Я выждал небольшую паузу, чтоб Аня точно поняла, насколько глупо это звучит.

— Ань, ты не хочешь, чтоб я приезжал?

Аня тоже выждала паузу, а потом, резко сказав «Извини, не могу сейчас говорить», положила трубку.

Она не хочет меня видеть.

Круто.

Возможно, если бы я был сопливым романтиком вроде Куэльо, я бы впал в депрессию окончательно и попытался порезать себе вены. Но увы, я весёлый и находчивый и вместо этого у меня проснулся нездоровый интерес к происходящему и способность анализировать.

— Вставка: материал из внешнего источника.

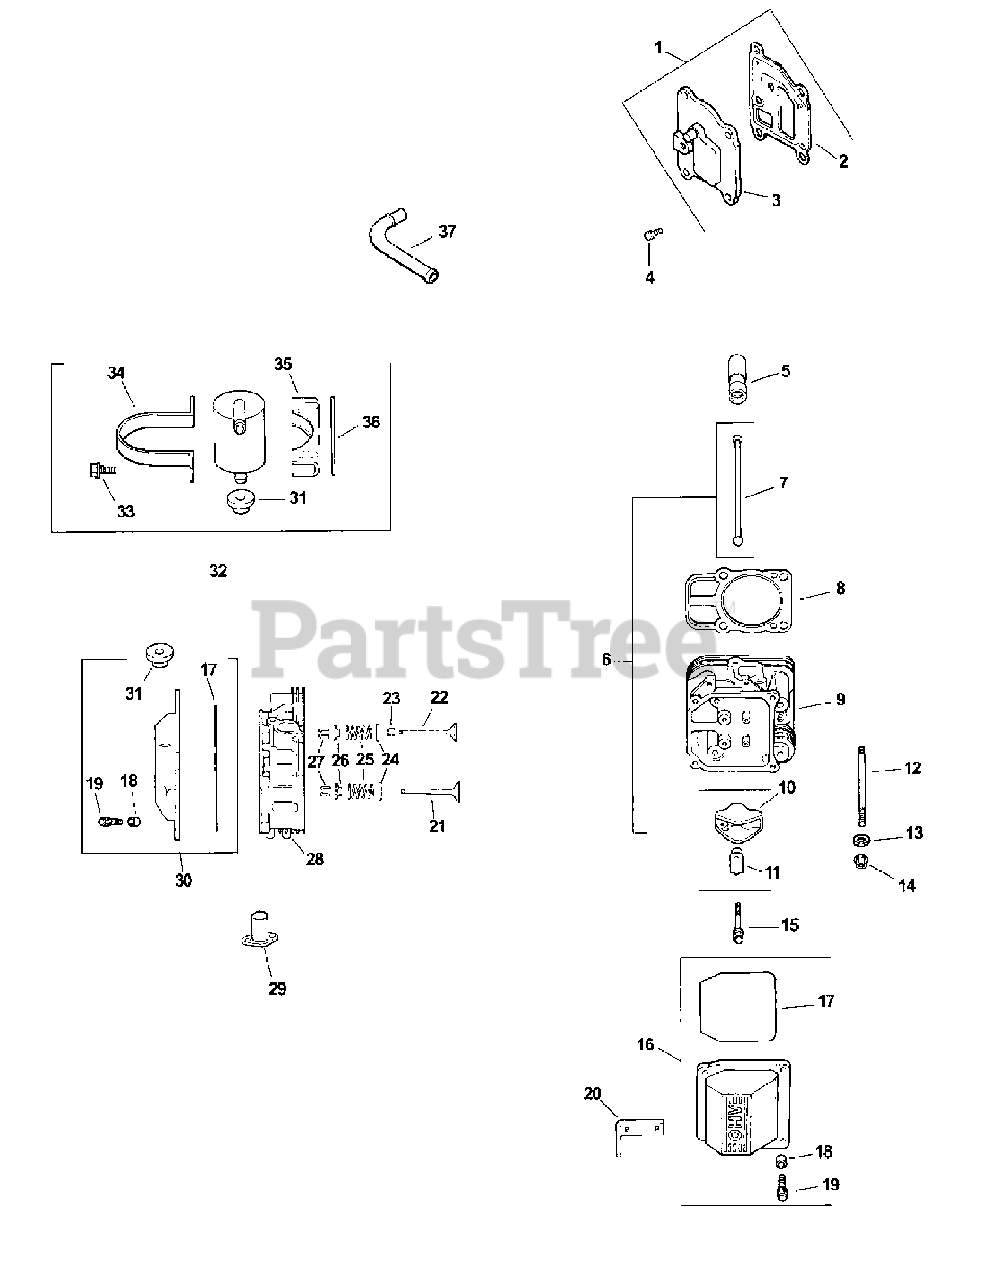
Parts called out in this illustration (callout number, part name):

Во-первых, сестра. Какая нафиг сестра? Даже когда у неё был свой дом, там за всё время я никого левого не встретил. Она даже хотела предкам, когда те приезжали, снять жильё, чтоб под ногами не путались. А сейчас у неё пусть и просторная, но однушка, явно не рассчитанная на Аню с кем-то левым. Вероятно, в квартире есть что-то, что она мне показывать не хочет. Или кто-то. У неё кто-то есть! Как хорошо снова думать! Точно! Только идиот вроде меня будет надеяться на то, что такая прекрасная интересная девушка так долго будет одинокой.
Опять же, будь я хоть чуточку Куэльо, от такой новости я бы впал в депрессию ещё больше, заревел бы всё вокруг и начал есть пироженки. Но не тут-то было! Наконец-то появилась хоть какая-то ясность, которая была хорошей основой для дальнейшего анализа. Конечно, было чуть-чуть обидно, потому как Николаича выгулять скорее всего не получится, зато успокоилась душа. Если Аня не одна, ей скорее всего хорошо. А если ей хорошо, то и мне как-то спокойно.
В голове появилась первая, за пару месяцев, действительно умная мысль: моя депрессия была из-за неведения и неопределённости. Даже плохие, но твёрдые факты лучше хороших шатких догадок. Нужно запомнить.
Но это не всё. Больше всего меня удивило то, как Аня отреагировала на субботу. Сначала бессознательно сказала правду «НЕТ!», так как точно знала, что не хочет меня видеть именно в этот день. А потом замялась и начала сознательно и не очень уверенно врать. Субботник, корпоратив. Как будто я не знаю, что ей взять веник в руки, это как Ямбаеву бороду сбрить. А корпоративы она вообще не выносила, так как к ней все начинали клеиться и это выглядело так уныло, что хотелось напиться вдрызг. А Аня бухать не любит.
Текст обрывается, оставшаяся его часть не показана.